For many merchants, the benefits of accepting only plastics and digital payment more than compensate for interchange fees. No cash on hand means no worries about holdups, short change artists, pilfering employees, or opportunists grabbing cash from an open till. It makes tracking inventory a snap. It speeds transactions, since cashiers needn’t take time to count out change. It also alleviates the problem of employees who can’t figure out how to count out change, a solid merchant benefit even if it doesn’t speak well for the rising generation’s math skills.

But … is not accepting cash legal?

Since every U.S. bill says, “This note is legal tender for all debts, private and public,” one might ask if it’s legal for an establishment not to accept cash. Apparently many indeed do ask, as evidenced by the fact that no less than the U.S. Department of the Treasury felt it necessary to weigh in on the matter:

… the Coinage Act of 1965 … states: “United States coins and currency (including Federal reserve notes and circulating notes of Federal reserve banks and national banks) are legal tender for all debts, public charges, taxes, and dues.”

This statute means that all United States money as identified above are a valid and legal offer of payment for debts when tendered to a creditor. There is, however, no Federal statute mandating that a private business, a person or an organization must accept currency or coins as for payment for goods and/or services.  [Italics added.]

As to the distinction between debt and not-debt, The Fiscal Times explained,

Let us say it is very late at night and you need gasoline for your car … until the customer has put gas into the car, the customer does not owe the station owner anything. However, if the customer is allowed to pump gasoline into the car first and then pay, the owner must accept all types of U.S. bills because the customer has a debt to pay.

The same issue arises on an airplane. If you want to buy a drink for $5, the airline doesn’t have to accept your cash as long as it requires you to pay for the drink first.

The Department of the Treasury statement further explains:

Private businesses are free to develop their own policies on whether or not to accept cash unless there is a State law which says otherwise.

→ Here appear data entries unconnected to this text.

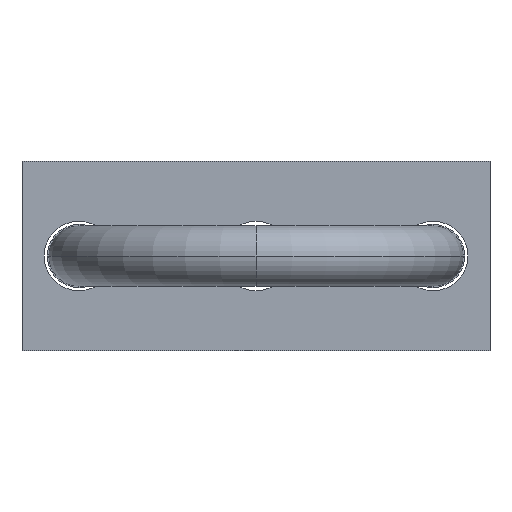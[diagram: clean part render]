
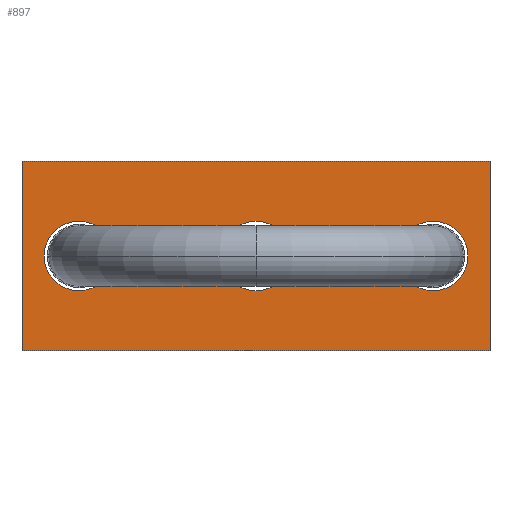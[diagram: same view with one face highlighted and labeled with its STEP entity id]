
A CAD part, front view. The second image highlights one B-rep face of the part: STEP entity #897.
In plain terms, the highlighted planar face has unit normal (0, -1, 0).
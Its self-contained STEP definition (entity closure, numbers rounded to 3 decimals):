
#602=CARTESIAN_POINT('',(0.,31.358,0.));
#603=DIRECTION('',(0.,1.,0.));
#604=DIRECTION('',(0.,0.,1.));
#605=AXIS2_PLACEMENT_3D('',#602,#603,#604);
#610=CARTESIAN_POINT('',(0.,31.358,0.));
#611=DIRECTION('',(0.,1.,0.));
#612=DIRECTION('',(0.,0.,-1.));
#613=AXIS2_PLACEMENT_3D('',#610,#611,#612);
#618=DIRECTION('',(-1.,0.,0.));
#619=VECTOR('',#618,74.);
#620=CARTESIAN_POINT('',(37.,31.358,15.));
#621=LINE('',#620,#619);
#625=DIRECTION('',(0.,0.,1.));
#626=VECTOR('',#625,30.);
#627=CARTESIAN_POINT('',(37.,31.358,-15.));
#628=LINE('',#627,#626);
#632=CARTESIAN_POINT('',(28.,31.358,0.));
#633=DIRECTION('',(0.,1.,0.));
#634=DIRECTION('',(0.,0.,1.));
#635=AXIS2_PLACEMENT_3D('',#632,#633,#634);
#640=CARTESIAN_POINT('',(28.,31.358,0.));
#641=DIRECTION('',(0.,1.,0.));
#642=DIRECTION('',(0.,0.,-1.));
#643=AXIS2_PLACEMENT_3D('',#640,#641,#642);
#648=CARTESIAN_POINT('',(-28.,31.358,0.));
#649=DIRECTION('',(0.,1.,0.));
#650=DIRECTION('',(0.,0.,1.));
#651=AXIS2_PLACEMENT_3D('',#648,#649,#650);
#656=CARTESIAN_POINT('',(-28.,31.358,0.));
#657=DIRECTION('',(0.,1.,0.));
#658=DIRECTION('',(0.,0.,-1.));
#659=AXIS2_PLACEMENT_3D('',#656,#657,#658);
#740=DIRECTION('',(-1.,0.,0.));
#741=VECTOR('',#740,74.);
#742=CARTESIAN_POINT('',(37.,31.358,-15.));
#743=LINE('',#742,#741);
#789=DIRECTION('',(0.,0.,1.));
#790=VECTOR('',#789,30.);
#791=CARTESIAN_POINT('',(-37.,31.358,-15.));
#792=LINE('',#791,#790);
#824=CARTESIAN_POINT('',(37.,31.358,-15.));
#825=CARTESIAN_POINT('',(-37.,31.358,-15.));
#826=VERTEX_POINT('',#824);
#827=VERTEX_POINT('',#825);
#828=CARTESIAN_POINT('',(37.,31.358,15.));
#829=VERTEX_POINT('',#828);
#830=CARTESIAN_POINT('',(-37.,31.358,15.));
#831=VERTEX_POINT('',#830);
#841=CARTESIAN_POINT('',(28.,31.358,5.5));
#843=VERTEX_POINT('',#841);
#845=CARTESIAN_POINT('',(28.,31.358,-5.5));
#847=VERTEX_POINT('',#845);
#849=CARTESIAN_POINT('',(0.,31.358,5.5));
#851=VERTEX_POINT('',#849);
#853=CARTESIAN_POINT('',(0.,31.358,-5.5));
#855=VERTEX_POINT('',#853);
#857=CARTESIAN_POINT('',(-28.,31.358,5.5));
#859=VERTEX_POINT('',#857);
#861=CARTESIAN_POINT('',(-28.,31.358,-5.5));
#863=VERTEX_POINT('',#861);
#864=CARTESIAN_POINT('',(-37.,31.358,15.));
#865=DIRECTION('',(0.,1.,0.));
#866=DIRECTION('',(0.,0.,1.));
#867=AXIS2_PLACEMENT_3D('',#864,#865,#866);
#868=PLANE('',#867);
#870=ORIENTED_EDGE('',*,*,#869,.T.);
#872=ORIENTED_EDGE('',*,*,#871,.T.);
#874=ORIENTED_EDGE('',*,*,#873,.F.);
#876=ORIENTED_EDGE('',*,*,#875,.F.);
#877=EDGE_LOOP('',(#870,#872,#874,#876));
#878=FACE_OUTER_BOUND('',#877,.F.);
#880=ORIENTED_EDGE('',*,*,#879,.F.);
#882=ORIENTED_EDGE('',*,*,#881,.F.);
#883=EDGE_LOOP('',(#880,#882));
#884=FACE_BOUND('',#883,.F.);
#886=ORIENTED_EDGE('',*,*,#885,.F.);
#888=ORIENTED_EDGE('',*,*,#887,.F.);
#889=EDGE_LOOP('',(#886,#888));
#890=FACE_BOUND('',#889,.F.);
#892=ORIENTED_EDGE('',*,*,#891,.F.);
#894=ORIENTED_EDGE('',*,*,#893,.F.);
#895=EDGE_LOOP('',(#892,#894));
#896=FACE_BOUND('',#895,.F.);
#606=CIRCLE('',#605,5.5);
#614=CIRCLE('',#613,5.5);
#636=CIRCLE('',#635,5.5);
#644=CIRCLE('',#643,5.5);
#652=CIRCLE('',#651,5.5);
#660=CIRCLE('',#659,5.5);
#869=EDGE_CURVE('',#826,#827,#743,.T.);
#871=EDGE_CURVE('',#827,#831,#792,.T.);
#873=EDGE_CURVE('',#829,#831,#621,.T.);
#875=EDGE_CURVE('',#826,#829,#628,.T.);
#879=EDGE_CURVE('',#851,#855,#606,.T.);
#881=EDGE_CURVE('',#855,#851,#614,.T.);
#885=EDGE_CURVE('',#843,#847,#636,.T.);
#887=EDGE_CURVE('',#847,#843,#644,.T.);
#891=EDGE_CURVE('',#859,#863,#652,.T.);
#893=EDGE_CURVE('',#863,#859,#660,.T.);
#897=ADVANCED_FACE('',(#878,#884,#890,#896),#868,.F.);
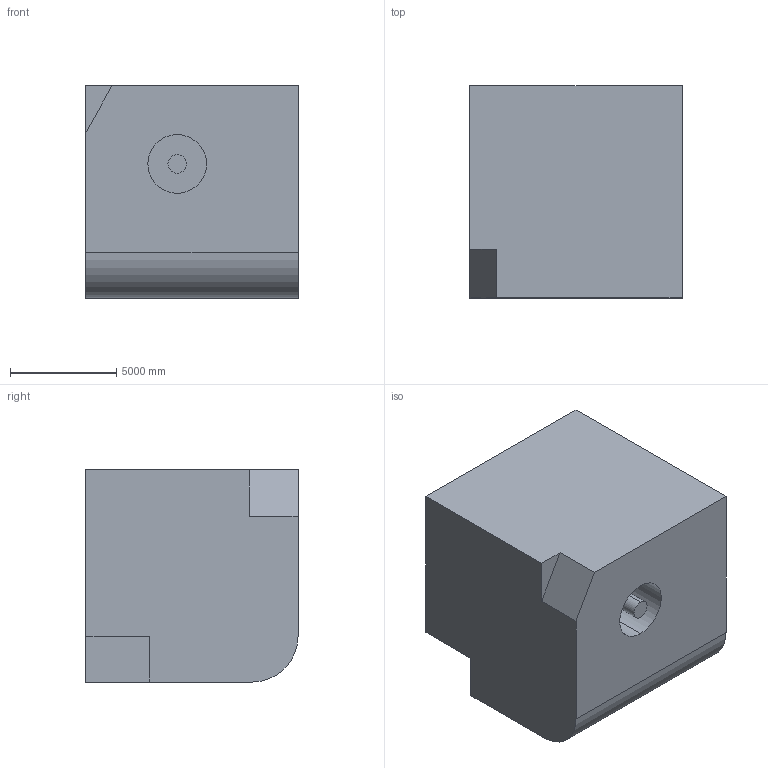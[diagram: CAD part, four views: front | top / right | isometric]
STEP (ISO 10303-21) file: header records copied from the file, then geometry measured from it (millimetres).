
FILE_DESCRIPTION (( 'STEP AP203' ), '1' );
FILE_NAME ('310.STEP', '2022-09-07T12:46:48', ( 'user' ), ( '' ), 'SwSTEP 2.0', 'SolidWorks 2021', '' );
FILE_SCHEMA (( 'CONFIG_CONTROL_DESIGN' ));
Length unit declared in the file: centimetre
Products named in the file (1): 310
Bounding box: 10000 x 10000 x 10000 mm (x, y, z)
Volume: 893977367346.1 mm3; surface area: 704728563.5 mm2
Topology: 1 solids, 1 shells, 30 faces, 66 edges, 44 vertices
Faces by surface type: plane 17, cylinder 13
Entity records: 913 total; most frequent: DIRECTION 154, CARTESIAN_POINT 141, ORIENTED_EDGE 132, EDGE_CURVE 66, AXIS2_PLACEMENT_3D 57, VERTEX_POINT 44, LINE 40, VECTOR 40

One state, Massachusetts, does say otherwise. Returning to The Fiscal Times article:

Massachusetts … actually does have a law on the books that requires all retail establishments to accept cash payments. However, at the present moment this law appears relatively unknown, the exact definition of a retail establishment is unclear, but most importantly the law specifies no penalties for breaking the law.

Don’t expect such a law on the national level, not least because even the United States government would stand to gain considerably from going cashless. According to “The Cost of Cash in the United States” by Bhaskar Chakravoti and Benjamin D. Mazotta of Tufts University’s The Fletcher School, cash costs the U.S. about $200 billion annually:

The most important cost of cash to the US government is forgone tax revenue from cash transactions. A conservative estimate yields this value to be $100 billion annually. The government also incurs cash-related expenses from the production and distribution of cash in the United States. In 2012, these costs totaled $1.2 billion.

Cash will still be around for a long time

As I have written before, cash is not likely to fully exit American commerce. As the above-cited Moneywatch piece points out,

About one out of 13 U.S. households are unbanked, which means they have don’t traditional banking accounts, such as checking or savings accounts. Such families tend to be lower-income and rely on cash to make their purchases.

Even consumers with bank accounts rely on cash at certain times. Cash comes in handy for gifts, tipping for great service, and, when needful or simply desirable, not leaving a paper or digital trail.

Ironically enough, the law seems to require banks, the very champions of plastics and digital payments, to accept cash for loan payments. But who knows? That may change. Indeed, the future these days seems to change every hour. It keeps the digital payments business exciting.